The pictures do not belong in the copy. Restate all of the records word for word.

☆ ☆ ☆ ☆

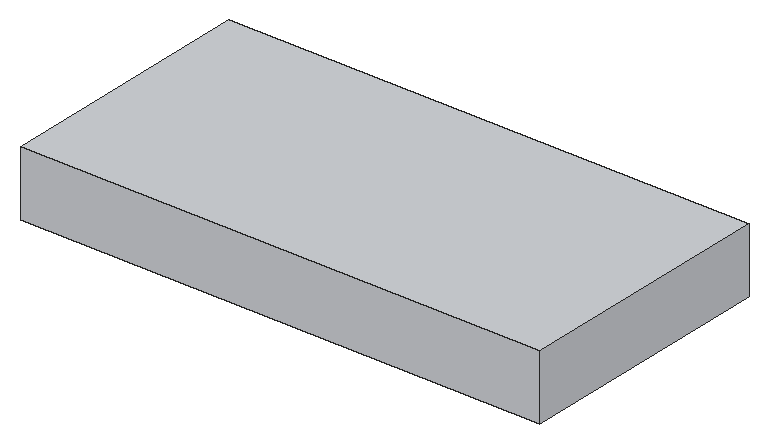
Revit family "Family1", category Generic Models, Revit 2016
Family settings
  Part Type = Normal
  Can host rebar = No
  Round Connector Dimension = Use Diameter
  Work Plane-Based = No
  Always vertical = Yes
  Cut with Voids When Loaded = No
  Shared = No
  Room Calculation Point = No
Parameters (values of type "Type 1")
  Width = 2000 mm
  Modified Issue = "Date reverse order when familiy created or modified i.e. 120816"  # constant formula
  Height = 1000 mm
  Depth = 1000 mm
  Copyright = "BVN"  # constant formula
  Author = " Your 2 initials - i.e. BG "  # constant formula
Reference planes
  plane 1 "Center (Front/Back)": y = 0
  plane 2: z = 0
  plane 3 "Center (Left/Right)": x = 0
  plane 4 "Left": x = -1000
  plane 5 "Right": x = 1000
  plane 6 "Back": y = 500
  plane 7 "Front": y = -500
  plane 8 "Top": z = 1000
Forms (mm)
  Extrusion 1, solid
    sketch origin (0, 0, 0) x (1, 0, 0) y (0, 1, 0)
      loop
        line (-1000, 500) -> (-1000, -500) -> (1000, -500) -> (1000, 500) -> (-1000, 500)
    from 0 to 250
Text (mm)
  text "FRONT" at (-3551.348, -1281.799, 0), in view "Ref. Level"
Dimensions and locks
  equal spacing: plane 4 "Left", plane 3 "Center (Left/Right)", plane 5 "Right"
  equal spacing: plane 6 "Back", plane 1 "Center (Front/Back)", plane 7 "Front"
  "Depth": plane 6 "Back" to plane 7 "Front"
  "Width": plane 4 "Left" to plane 5 "Right"
  "Height": plane 8 "Top" to plane 2
  aligned and locked: level to plane 2
Automatic sketch dimensions
  Extrusion 1 sketch curve to plane 4 "Left" = 0 mm
  Extrusion 1 sketch curve to plane 5 "Right" = 0 mm
  Extrusion 1 sketch curve to plane 7 "Front" = 0 mm
  Extrusion 1 sketch curve to plane 6 "Back" = 0 mm
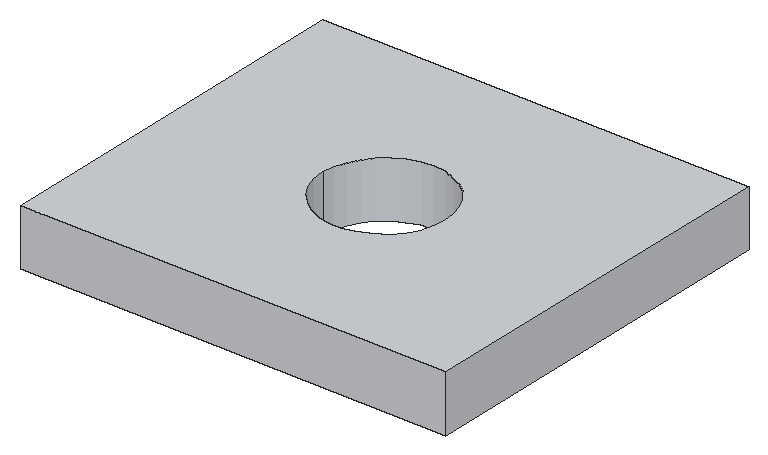
Revit family "Lochplatte", category HLS-Bauteile, Revit 2017
Family settings
  Bemaßung runder Anschluss = Durchmesser verwenden
  Teiletyp = Normal
  Arbeitsebenenbasiert = Ja
  Immer vertikal = Nein
  Beim Laden mit Abzugskörper schneiden = Nein
  Gemeinsam genutzt = Ja
  Raumberechnungspunkt = Nein
Parameters (values of type "Lochplatte 13 fvz")
  vpe = ""
  für Gewinde = ""
  d2 = 6.5 mm
  Default Elevation = 1219.2 mm
  Stärke Material = 0 mm
  Stärke = 0 mm
  Schienenbreite = ""
  S = 6 mm
  Regelhalter [instance] = ""
  Profiltyp = "45"
  Profil = ""
  Plattentyp = ""
  Oberflaeche = ""
  Mengeneinheit = ""
  Materialname = "S235"
  Material = "Stahl"
  Länge = 45 mm
  Lochdurchmesser = ""
  L = 45 mm
  Kurztext2 = "Bohrung 13 mm 45x40x6 mm"
  Kurztext1 = "Lochplatte C-Profil 45"
  Gewinde = ""
  Gewicht pro Bauteil = Gewicht  # 0.00 kg
  Gewicht = 0.00 kg
  Form = ""
  Firma = "MEFA Befestigungs- und Montagesysteme GmbH"
  Fabrikat = "MEFA"
  EAN = ""
  Deckentyp = ""
  Breite = 40 mm
  B = 40 mm
  Artikelnummer = "0814016/fvz"
  Anzugsmoment = 0 N·m
  Abmessung = ""
Types (4, lengths in mm): name | vpe | für Gewinde | d2 | Stärke | Oberflaeche | Mengeneinheit | Lochdurchmesser | Kurztext2 | Gewicht pro Bauteil | Gewicht | EAN | Artikelnummer
  (no name) | "50" | "M16" | 8.5 | 6 | "galvanisch verzinkt" | "St" | "17 mm" | "Bohrung 17 mm 45x40x6 mm" | 0.0756 kg | 0.0756 kg | "4250928419736" | "0814017"
  Lochplatte 17 | "50" | "M16" | 8.5 | 6 | "galvanisch verzinkt" | "St" | "17 mm" | "Bohrung 17 mm 45x40x6 mm" | 0.0756 kg | 0.0756 kg | "4250928419736" | "0814017"
  Lochplatte 13 | "50" | "M12" | 6.5 | 6 | "galvanisch verzinkt" | "St" | "13 mm" | "Bohrung 13 mm 45x40x6 mm" | 0.0801 kg | 0.0801 kg | "4250928419729" | "0814016"
  Lochplatte 13 fvz | "" | "" | 6.5 | 0 | "" | "" | "" | "Bohrung 13 mm 45x40x6 mm" | 0.00 kg | 0.00 kg | "" | "0814016/fvz"
Reference planes
  plane 1 "Mitte (Vorne/hinten)": y = 0
  plane 2: z = 0
  plane 3 "Mitte (Links/rechts)": x = 0
  plane 4: z = 6
Forms (mm)
  Extrusion 1, solid
    sketch origin (-17.5, 0, 0) x (1, 0, 0) y (0, 1, 0)
      loop
        line (40, 20) -> (-5, 20) -> (-5, -20) -> (40, -20) -> (40, 20)
    from 0 to 6
  Extrusion 2, void
    sketch origin (0, 0, 0) x (1, 0, 0) y (0, 1, 0)
      loop
        circle (0, 0) r 6.5
    from 0 to 250
Cuts and joins
  Extrusion 2 cuts Extrusion 1
Lines and regions (mm)
  model lines
    curve 1: line (0, 15, 0) -> (0, -15, 0)
    curve 2: line (15, 0, 0) -> (-15, 0, 0)
    curve 3: line (0, 0, -7) -> (0, 0, 13)
Dimensions and locks
  "B": Extrusion 1 sketch curve to Extrusion 1 sketch curve
  equal spacing: cut or joined group of Extrusion 1, Extrusion 2, plane 1 "Mitte (Vorne/hinten)", cut or joined group of Extrusion 1, Extrusion 2
  "L": Extrusion 1 sketch curve to Extrusion 1 sketch curve
  "S": level to plane 4
  "d2": radius of Extrusion 2 sketch curve
  aligned and locked: level to plane 2
  aligned and locked: plane 4 to cut or joined group of Extrusion 1, Extrusion 2
Automatic sketch dimensions
  curve 1 to plane 3 "Mitte (Links/rechts)" = 0 mm
  plane 1 "Mitte (Vorne/hinten)" to curve 1 = 15 mm
  curve 1 to plane 1 "Mitte (Vorne/hinten)" = 15 mm
  plane 1 "Mitte (Vorne/hinten)" to curve 2 = 0 mm
  curve 2 to plane 3 "Mitte (Links/rechts)" = 15 mm
  plane 3 "Mitte (Links/rechts)" to curve 2 = 15 mm
  curve 3 to plane 1 "Mitte (Vorne/hinten)" = 0 mm
  curve 3 to level = 7 mm
  curve 3 to plane 4 = 7 mm
  Extrusion 1 sketch curve to plane 3 "Mitte (Links/rechts)" = 22.5 mm
  plane 1 "Mitte (Vorne/hinten)" to Extrusion 1 sketch curve = 20 mm
  plane 1 "Mitte (Vorne/hinten)" to Extrusion 2 sketch curve = 0 mm
  Extrusion 2 sketch curve to plane 3 "Mitte (Links/rechts)" = 0 mm

☆ ☆ ☆ ☆

• [WRITTEN ANSWER]
Revit family "Family1", category Generic Models, Revit 2016
Family settings
  Part Type = Normal
  Can host rebar = No
  Round Connector Dimension = Use Diameter
  Work Plane-Based = No
  Always vertical = Yes
  Cut with Voids When Loaded = No
  Shared = No
  Room Calculation Point = No
Parameters (values of type "Type 1")
  Width = 2000 mm
  Modified Issue = "Date reverse order when familiy created or modified i.e. 120816"  # constant formula
  Height = 1000 mm
  Depth = 1000 mm
  Copyright = "BVN"  # constant formula
  Author = " Your 2 initials - i.e. BG "  # constant formula
Reference planes
  plane 1 "Center (Front/Back)": y = 0
  plane 2: z = 0
  plane 3 "Center (Left/Right)": x = 0
  plane 4 "Left": x = -1000
  plane 5 "Right": x = 1000
  plane 6 "Back": y = 500
  plane 7 "Front": y = -500
  plane 8 "Top": z = 1000
Forms (mm)
  Extrusion 1, solid
    sketch origin (0, 0, 0) x (1, 0, 0) y (0, 1, 0)
      loop
        line (-1000, 500) -> (-1000, -500) -> (1000, -500) -> (1000, 500) -> (-1000, 500)
    from 0 to 250
Text (mm)
  text "FRONT" at (-3551.348, -1281.799, 0), in view "Ref. Level"
Dimensions and locks
  equal spacing: plane 4 "Left", plane 3 "Center (Left/Right)", plane 5 "Right"
  equal spacing: plane 6 "Back", plane 1 "Center (Front/Back)", plane 7 "Front"
  "Depth": plane 6 "Back" to plane 7 "Front"
  "Width": plane 4 "Left" to plane 5 "Right"
  "Height": plane 8 "Top" to plane 2
  aligned and locked: level to plane 2
Automatic sketch dimensions
  Extrusion 1 sketch curve to plane 4 "Left" = 0 mm
  Extrusion 1 sketch curve to plane 5 "Right" = 0 mm
  Extrusion 1 sketch curve to plane 7 "Front" = 0 mm
  Extrusion 1 sketch curve to plane 6 "Back" = 0 mm
Revit family "Lochplatte", category HLS-Bauteile, Revit 2017
Family settings
  Bemaßung runder Anschluss = Durchmesser verwenden
  Teiletyp = Normal
  Arbeitsebenenbasiert = Ja
  Immer vertikal = Nein
  Beim Laden mit Abzugskörper schneiden = Nein
  Gemeinsam genutzt = Ja
  Raumberechnungspunkt = Nein
Parameters (values of type "Lochplatte 13 fvz")
  vpe = ""
  für Gewinde = ""
  d2 = 6.5 mm
  Default Elevation = 1219.2 mm
  Stärke Material = 0 mm
  Stärke = 0 mm
  Schienenbreite = ""
  S = 6 mm
  Regelhalter [instance] = ""
  Profiltyp = "45"
  Profil = ""
  Plattentyp = ""
  Oberflaeche = ""
  Mengeneinheit = ""
  Materialname = "S235"
  Material = "Stahl"
  Länge = 45 mm
  Lochdurchmesser = ""
  L = 45 mm
  Kurztext2 = "Bohrung 13 mm 45x40x6 mm"
  Kurztext1 = "Lochplatte C-Profil 45"
  Gewinde = ""
  Gewicht pro Bauteil = Gewicht  # 0.00 kg
  Gewicht = 0.00 kg
  Form = ""
  Firma = "MEFA Befestigungs- und Montagesysteme GmbH"
  Fabrikat = "MEFA"
  EAN = ""
  Deckentyp = ""
  Breite = 40 mm
  B = 40 mm
  Artikelnummer = "0814016/fvz"
  Anzugsmoment = 0 N·m
  Abmessung = ""
Types (4, lengths in mm): name | vpe | für Gewinde | d2 | Stärke | Oberflaeche | Mengeneinheit | Lochdurchmesser | Kurztext2 | Gewicht pro Bauteil | Gewicht | EAN | Artikelnummer
  (no name) | "50" | "M16" | 8.5 | 6 | "galvanisch verzinkt" | "St" | "17 mm" | "Bohrung 17 mm 45x40x6 mm" | 0.0756 kg | 0.0756 kg | "4250928419736" | "0814017"
  Lochplatte 17 | "50" | "M16" | 8.5 | 6 | "galvanisch verzinkt" | "St" | "17 mm" | "Bohrung 17 mm 45x40x6 mm" | 0.0756 kg | 0.0756 kg | "4250928419736" | "0814017"
  Lochplatte 13 | "50" | "M12" | 6.5 | 6 | "galvanisch verzinkt" | "St" | "13 mm" | "Bohrung 13 mm 45x40x6 mm" | 0.0801 kg | 0.0801 kg | "4250928419729" | "0814016"
  Lochplatte 13 fvz | "" | "" | 6.5 | 0 | "" | "" | "" | "Bohrung 13 mm 45x40x6 mm" | 0.00 kg | 0.00 kg | "" | "0814016/fvz"
Reference planes
  plane 1 "Mitte (Vorne/hinten)": y = 0
  plane 2: z = 0
  plane 3 "Mitte (Links/rechts)": x = 0
  plane 4: z = 6
Forms (mm)
  Extrusion 1, solid
    sketch origin (-17.5, 0, 0) x (1, 0, 0) y (0, 1, 0)
      loop
        line (40, 20) -> (-5, 20) -> (-5, -20) -> (40, -20) -> (40, 20)
    from 0 to 6
  Extrusion 2, void
    sketch origin (0, 0, 0) x (1, 0, 0) y (0, 1, 0)
      loop
        circle (0, 0) r 6.5
    from 0 to 250
Cuts and joins
  Extrusion 2 cuts Extrusion 1
Lines and regions (mm)
  model lines
    curve 1: line (0, 15, 0) -> (0, -15, 0)
    curve 2: line (15, 0, 0) -> (-15, 0, 0)
    curve 3: line (0, 0, -7) -> (0, 0, 13)
Dimensions and locks
  "B": Extrusion 1 sketch curve to Extrusion 1 sketch curve
  equal spacing: cut or joined group of Extrusion 1, Extrusion 2, plane 1 "Mitte (Vorne/hinten)", cut or joined group of Extrusion 1, Extrusion 2
  "L": Extrusion 1 sketch curve to Extrusion 1 sketch curve
  "S": level to plane 4
  "d2": radius of Extrusion 2 sketch curve
  aligned and locked: level to plane 2
  aligned and locked: plane 4 to cut or joined group of Extrusion 1, Extrusion 2
Automatic sketch dimensions
  curve 1 to plane 3 "Mitte (Links/rechts)" = 0 mm
  plane 1 "Mitte (Vorne/hinten)" to curve 1 = 15 mm
  curve 1 to plane 1 "Mitte (Vorne/hinten)" = 15 mm
  plane 1 "Mitte (Vorne/hinten)" to curve 2 = 0 mm
  curve 2 to plane 3 "Mitte (Links/rechts)" = 15 mm
  plane 3 "Mitte (Links/rechts)" to curve 2 = 15 mm
  curve 3 to plane 1 "Mitte (Vorne/hinten)" = 0 mm
  curve 3 to level = 7 mm
  curve 3 to plane 4 = 7 mm
  Extrusion 1 sketch curve to plane 3 "Mitte (Links/rechts)" = 22.5 mm
  plane 1 "Mitte (Vorne/hinten)" to Extrusion 1 sketch curve = 20 mm
  plane 1 "Mitte (Vorne/hinten)" to Extrusion 2 sketch curve = 0 mm
  Extrusion 2 sketch curve to plane 3 "Mitte (Links/rechts)" = 0 mm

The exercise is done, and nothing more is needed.